Kidd is torn apart and Killer is (almost) too late.
(Or: Remember that nebulous Kidd vs. Shanks fight? Yeah, that.)
Tags: Angst, Blood and Violence, Mild Gore, Kidd Is Straight Up Not Having A Good Time, Shanks Is A Bit Of A Bastard
Post-Summit War setting, during the Timeskip. Content warning for lots of blood and some gore. Read Chapter 2 here.
***
“Fight me!”
A shout like a gun going off, sparks flying, black powder catching fire. Two words, bang bang, and the world stops spinning in the silence that follows.
Kidd is grinning, teeth sharp and eyes alight, near-feral with bloodlust. “Did ya hear me, Red-Haired Shanks?”, he calls across the beach, the Victoria Punk behind and an Emperor’s lair ahead. They’re outnumbered, surrounded already, blood seeping into the sand that shifts beneath their boots.
“I want a duel. Just you and me.”
At Kidd’s back, Killer stares at Benn Beckman, watches him raise an eyebrow and continue to smoke. They haven't moved, him and Shanks’ other officers, content to stand by at the very edge of the jungle where the sun struggles to breach its gloom. Something about how casual it is makes Killer lock his jaw, raise his scythes like fangs.
A glance is all he’s worth, an amused uptilt to thin lips.
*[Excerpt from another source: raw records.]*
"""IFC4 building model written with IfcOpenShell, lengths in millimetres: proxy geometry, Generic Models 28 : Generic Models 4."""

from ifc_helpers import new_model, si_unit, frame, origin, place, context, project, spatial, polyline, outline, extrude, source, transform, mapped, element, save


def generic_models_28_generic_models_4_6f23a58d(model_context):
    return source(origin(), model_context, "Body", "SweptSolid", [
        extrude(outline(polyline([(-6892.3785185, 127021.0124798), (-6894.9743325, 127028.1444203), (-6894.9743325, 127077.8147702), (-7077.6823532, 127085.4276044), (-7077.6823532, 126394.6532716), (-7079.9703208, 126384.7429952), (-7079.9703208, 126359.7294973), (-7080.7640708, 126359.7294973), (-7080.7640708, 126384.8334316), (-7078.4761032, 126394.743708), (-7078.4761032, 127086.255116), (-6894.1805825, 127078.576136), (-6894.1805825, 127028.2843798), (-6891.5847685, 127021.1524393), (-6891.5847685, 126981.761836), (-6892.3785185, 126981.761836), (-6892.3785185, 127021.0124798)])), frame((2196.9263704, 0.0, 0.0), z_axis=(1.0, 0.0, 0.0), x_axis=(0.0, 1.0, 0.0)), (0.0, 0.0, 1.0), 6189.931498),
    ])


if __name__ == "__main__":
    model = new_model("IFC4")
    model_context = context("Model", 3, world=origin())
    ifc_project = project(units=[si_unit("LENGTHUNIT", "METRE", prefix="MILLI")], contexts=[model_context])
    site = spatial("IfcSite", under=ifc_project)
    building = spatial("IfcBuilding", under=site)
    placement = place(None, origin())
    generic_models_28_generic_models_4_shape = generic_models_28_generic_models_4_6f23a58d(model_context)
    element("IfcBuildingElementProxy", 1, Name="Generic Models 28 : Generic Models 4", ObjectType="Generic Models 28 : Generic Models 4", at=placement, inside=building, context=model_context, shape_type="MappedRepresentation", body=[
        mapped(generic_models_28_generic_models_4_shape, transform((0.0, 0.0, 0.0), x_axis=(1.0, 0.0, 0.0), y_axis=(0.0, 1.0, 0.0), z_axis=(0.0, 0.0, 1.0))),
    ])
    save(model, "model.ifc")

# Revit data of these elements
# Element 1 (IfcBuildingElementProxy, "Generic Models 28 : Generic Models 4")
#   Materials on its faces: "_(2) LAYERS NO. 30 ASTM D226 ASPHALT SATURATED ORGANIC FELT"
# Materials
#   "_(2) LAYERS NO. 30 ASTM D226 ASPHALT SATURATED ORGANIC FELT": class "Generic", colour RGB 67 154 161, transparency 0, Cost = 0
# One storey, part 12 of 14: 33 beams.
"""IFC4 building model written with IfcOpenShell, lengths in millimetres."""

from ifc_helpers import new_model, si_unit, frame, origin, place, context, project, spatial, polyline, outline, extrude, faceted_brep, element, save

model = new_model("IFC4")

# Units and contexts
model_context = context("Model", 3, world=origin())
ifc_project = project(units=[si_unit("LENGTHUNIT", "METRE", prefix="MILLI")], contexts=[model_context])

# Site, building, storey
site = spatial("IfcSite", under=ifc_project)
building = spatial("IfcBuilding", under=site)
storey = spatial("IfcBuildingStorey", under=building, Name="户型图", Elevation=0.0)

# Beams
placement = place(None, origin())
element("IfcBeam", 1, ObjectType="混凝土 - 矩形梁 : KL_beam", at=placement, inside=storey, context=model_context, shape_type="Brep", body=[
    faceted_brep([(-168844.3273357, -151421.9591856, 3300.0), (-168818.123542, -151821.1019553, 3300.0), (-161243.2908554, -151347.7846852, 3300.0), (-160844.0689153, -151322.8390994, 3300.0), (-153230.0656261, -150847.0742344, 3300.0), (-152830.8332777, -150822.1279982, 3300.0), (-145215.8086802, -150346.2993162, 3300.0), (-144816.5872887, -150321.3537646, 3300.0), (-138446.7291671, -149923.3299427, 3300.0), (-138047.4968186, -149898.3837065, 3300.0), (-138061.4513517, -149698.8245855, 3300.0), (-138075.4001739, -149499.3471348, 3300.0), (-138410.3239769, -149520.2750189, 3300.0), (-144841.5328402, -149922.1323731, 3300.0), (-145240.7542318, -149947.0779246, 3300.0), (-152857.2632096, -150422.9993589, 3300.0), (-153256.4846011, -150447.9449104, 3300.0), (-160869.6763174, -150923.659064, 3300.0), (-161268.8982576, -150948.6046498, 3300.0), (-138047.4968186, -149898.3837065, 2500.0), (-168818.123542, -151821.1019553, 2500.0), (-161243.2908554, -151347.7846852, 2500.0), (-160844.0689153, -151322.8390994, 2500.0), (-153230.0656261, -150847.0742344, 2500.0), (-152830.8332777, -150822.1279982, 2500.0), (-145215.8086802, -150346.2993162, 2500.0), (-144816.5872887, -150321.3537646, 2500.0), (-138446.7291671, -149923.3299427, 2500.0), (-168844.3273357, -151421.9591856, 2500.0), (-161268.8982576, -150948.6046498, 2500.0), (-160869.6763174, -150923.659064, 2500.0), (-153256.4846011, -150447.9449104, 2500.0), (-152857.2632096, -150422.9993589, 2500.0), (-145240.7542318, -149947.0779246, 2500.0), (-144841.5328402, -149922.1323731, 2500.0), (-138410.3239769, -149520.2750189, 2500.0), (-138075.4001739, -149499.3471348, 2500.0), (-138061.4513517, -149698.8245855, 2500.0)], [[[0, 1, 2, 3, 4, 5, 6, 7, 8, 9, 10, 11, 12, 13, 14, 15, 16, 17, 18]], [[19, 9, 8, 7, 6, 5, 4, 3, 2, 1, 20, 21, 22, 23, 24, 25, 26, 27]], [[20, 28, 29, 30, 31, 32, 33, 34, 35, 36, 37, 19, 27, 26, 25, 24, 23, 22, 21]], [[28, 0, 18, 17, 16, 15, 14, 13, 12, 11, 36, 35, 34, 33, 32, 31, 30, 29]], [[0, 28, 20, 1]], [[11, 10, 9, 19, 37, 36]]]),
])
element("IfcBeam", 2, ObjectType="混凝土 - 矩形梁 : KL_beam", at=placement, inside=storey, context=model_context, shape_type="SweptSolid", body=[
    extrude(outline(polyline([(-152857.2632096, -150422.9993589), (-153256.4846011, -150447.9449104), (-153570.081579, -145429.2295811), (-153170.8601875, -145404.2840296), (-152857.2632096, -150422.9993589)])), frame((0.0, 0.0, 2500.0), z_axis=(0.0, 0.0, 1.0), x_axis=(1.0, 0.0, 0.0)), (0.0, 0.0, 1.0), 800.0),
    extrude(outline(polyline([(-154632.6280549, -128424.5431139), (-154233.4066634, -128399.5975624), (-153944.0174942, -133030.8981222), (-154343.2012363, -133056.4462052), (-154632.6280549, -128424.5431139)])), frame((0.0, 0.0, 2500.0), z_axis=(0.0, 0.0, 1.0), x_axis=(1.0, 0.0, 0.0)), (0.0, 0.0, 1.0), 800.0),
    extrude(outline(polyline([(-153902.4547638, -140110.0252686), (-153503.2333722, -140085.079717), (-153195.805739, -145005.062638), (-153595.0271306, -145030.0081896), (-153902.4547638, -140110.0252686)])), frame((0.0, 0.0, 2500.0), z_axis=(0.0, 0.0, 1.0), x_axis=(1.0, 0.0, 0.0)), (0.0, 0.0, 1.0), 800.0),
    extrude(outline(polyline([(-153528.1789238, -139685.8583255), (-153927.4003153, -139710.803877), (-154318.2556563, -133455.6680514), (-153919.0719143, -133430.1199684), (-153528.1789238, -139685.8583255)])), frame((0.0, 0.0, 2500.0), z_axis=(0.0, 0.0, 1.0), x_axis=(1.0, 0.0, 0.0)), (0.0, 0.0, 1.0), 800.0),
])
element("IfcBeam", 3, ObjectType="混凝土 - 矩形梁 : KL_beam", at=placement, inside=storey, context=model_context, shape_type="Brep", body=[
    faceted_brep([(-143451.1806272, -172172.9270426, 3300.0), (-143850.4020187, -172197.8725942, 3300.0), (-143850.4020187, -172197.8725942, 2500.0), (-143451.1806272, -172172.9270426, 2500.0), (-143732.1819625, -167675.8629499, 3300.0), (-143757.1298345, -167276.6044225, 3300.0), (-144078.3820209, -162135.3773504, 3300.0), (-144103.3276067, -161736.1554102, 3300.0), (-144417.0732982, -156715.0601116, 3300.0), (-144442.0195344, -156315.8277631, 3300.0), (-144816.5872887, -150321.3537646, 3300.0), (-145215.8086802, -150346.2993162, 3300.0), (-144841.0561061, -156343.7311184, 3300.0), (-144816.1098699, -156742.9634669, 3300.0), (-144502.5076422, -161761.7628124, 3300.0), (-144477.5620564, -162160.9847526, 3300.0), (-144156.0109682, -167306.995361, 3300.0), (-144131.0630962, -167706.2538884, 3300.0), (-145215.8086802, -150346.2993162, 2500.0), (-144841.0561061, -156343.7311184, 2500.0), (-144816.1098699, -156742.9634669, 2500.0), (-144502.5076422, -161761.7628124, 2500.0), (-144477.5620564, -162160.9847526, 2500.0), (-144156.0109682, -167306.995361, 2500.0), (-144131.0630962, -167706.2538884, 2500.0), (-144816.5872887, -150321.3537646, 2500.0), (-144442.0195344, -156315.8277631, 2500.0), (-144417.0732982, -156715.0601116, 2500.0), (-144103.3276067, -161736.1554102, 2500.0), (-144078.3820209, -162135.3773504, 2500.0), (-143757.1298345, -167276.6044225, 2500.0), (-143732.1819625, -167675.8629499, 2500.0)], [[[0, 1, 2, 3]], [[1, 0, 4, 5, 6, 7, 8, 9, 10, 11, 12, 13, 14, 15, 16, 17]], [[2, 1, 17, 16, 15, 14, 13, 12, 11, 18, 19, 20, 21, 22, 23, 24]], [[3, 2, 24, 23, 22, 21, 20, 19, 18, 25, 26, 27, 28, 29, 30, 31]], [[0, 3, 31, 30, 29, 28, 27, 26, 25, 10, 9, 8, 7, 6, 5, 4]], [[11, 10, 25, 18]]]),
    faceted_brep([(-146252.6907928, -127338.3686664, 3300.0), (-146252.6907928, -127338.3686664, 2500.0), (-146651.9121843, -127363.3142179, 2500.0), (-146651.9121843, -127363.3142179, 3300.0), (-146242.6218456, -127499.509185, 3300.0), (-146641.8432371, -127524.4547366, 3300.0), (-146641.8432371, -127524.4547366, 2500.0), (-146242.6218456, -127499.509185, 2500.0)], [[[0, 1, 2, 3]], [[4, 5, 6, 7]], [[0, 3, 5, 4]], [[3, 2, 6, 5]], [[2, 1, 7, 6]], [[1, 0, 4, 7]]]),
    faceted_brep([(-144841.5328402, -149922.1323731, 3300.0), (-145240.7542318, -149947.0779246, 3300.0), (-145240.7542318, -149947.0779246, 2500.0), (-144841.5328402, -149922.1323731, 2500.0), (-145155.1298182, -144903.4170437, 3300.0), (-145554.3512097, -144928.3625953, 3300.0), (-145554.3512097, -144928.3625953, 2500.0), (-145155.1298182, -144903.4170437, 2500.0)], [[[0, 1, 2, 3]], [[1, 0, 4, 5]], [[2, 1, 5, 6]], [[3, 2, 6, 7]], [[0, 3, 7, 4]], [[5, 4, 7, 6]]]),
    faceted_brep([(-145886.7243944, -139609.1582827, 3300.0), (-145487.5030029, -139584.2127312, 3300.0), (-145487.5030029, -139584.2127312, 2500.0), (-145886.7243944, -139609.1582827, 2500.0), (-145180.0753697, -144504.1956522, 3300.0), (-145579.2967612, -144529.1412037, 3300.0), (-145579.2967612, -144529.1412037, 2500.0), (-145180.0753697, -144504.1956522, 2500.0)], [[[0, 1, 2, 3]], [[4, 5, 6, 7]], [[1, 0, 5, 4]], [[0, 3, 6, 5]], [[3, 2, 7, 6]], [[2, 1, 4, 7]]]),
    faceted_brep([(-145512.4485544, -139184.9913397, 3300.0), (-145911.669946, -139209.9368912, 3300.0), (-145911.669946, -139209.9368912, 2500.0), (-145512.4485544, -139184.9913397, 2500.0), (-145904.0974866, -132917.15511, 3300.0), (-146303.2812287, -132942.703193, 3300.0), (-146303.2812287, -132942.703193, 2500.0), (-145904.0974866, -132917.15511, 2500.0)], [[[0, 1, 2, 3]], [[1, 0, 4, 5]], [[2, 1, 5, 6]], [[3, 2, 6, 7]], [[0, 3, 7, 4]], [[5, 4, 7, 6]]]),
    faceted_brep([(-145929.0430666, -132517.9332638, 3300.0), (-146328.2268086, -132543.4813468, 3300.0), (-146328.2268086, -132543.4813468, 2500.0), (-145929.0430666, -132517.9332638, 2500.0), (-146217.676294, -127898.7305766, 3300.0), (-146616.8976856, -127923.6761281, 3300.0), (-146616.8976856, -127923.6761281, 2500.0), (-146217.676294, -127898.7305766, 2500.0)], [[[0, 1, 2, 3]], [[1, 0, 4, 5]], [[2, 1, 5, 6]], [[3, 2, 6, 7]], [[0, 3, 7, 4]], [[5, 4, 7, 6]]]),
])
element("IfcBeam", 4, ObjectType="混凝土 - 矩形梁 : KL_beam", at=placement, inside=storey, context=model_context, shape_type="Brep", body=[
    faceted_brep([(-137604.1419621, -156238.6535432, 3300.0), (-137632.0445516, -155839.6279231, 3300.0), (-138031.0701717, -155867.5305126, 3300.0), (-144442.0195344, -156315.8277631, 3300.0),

Beckman exhales, breath hazy with smoke, and nods at his captain. Watch and learn.
Next to him, Shanks takes a swig of whatever swill is in that dusty old bottle of his. Eyes, black as obsidian glass and just as sharp, fall on Kidd, track lazily over the fur draped across his shoulders and how his fingers curl around the thrum of magnetism they command.
Shanks sighs.
“My, my, a duel… Listen, kiddo, it’s not even noon. It’s too early for this stuff, don’t ya think?”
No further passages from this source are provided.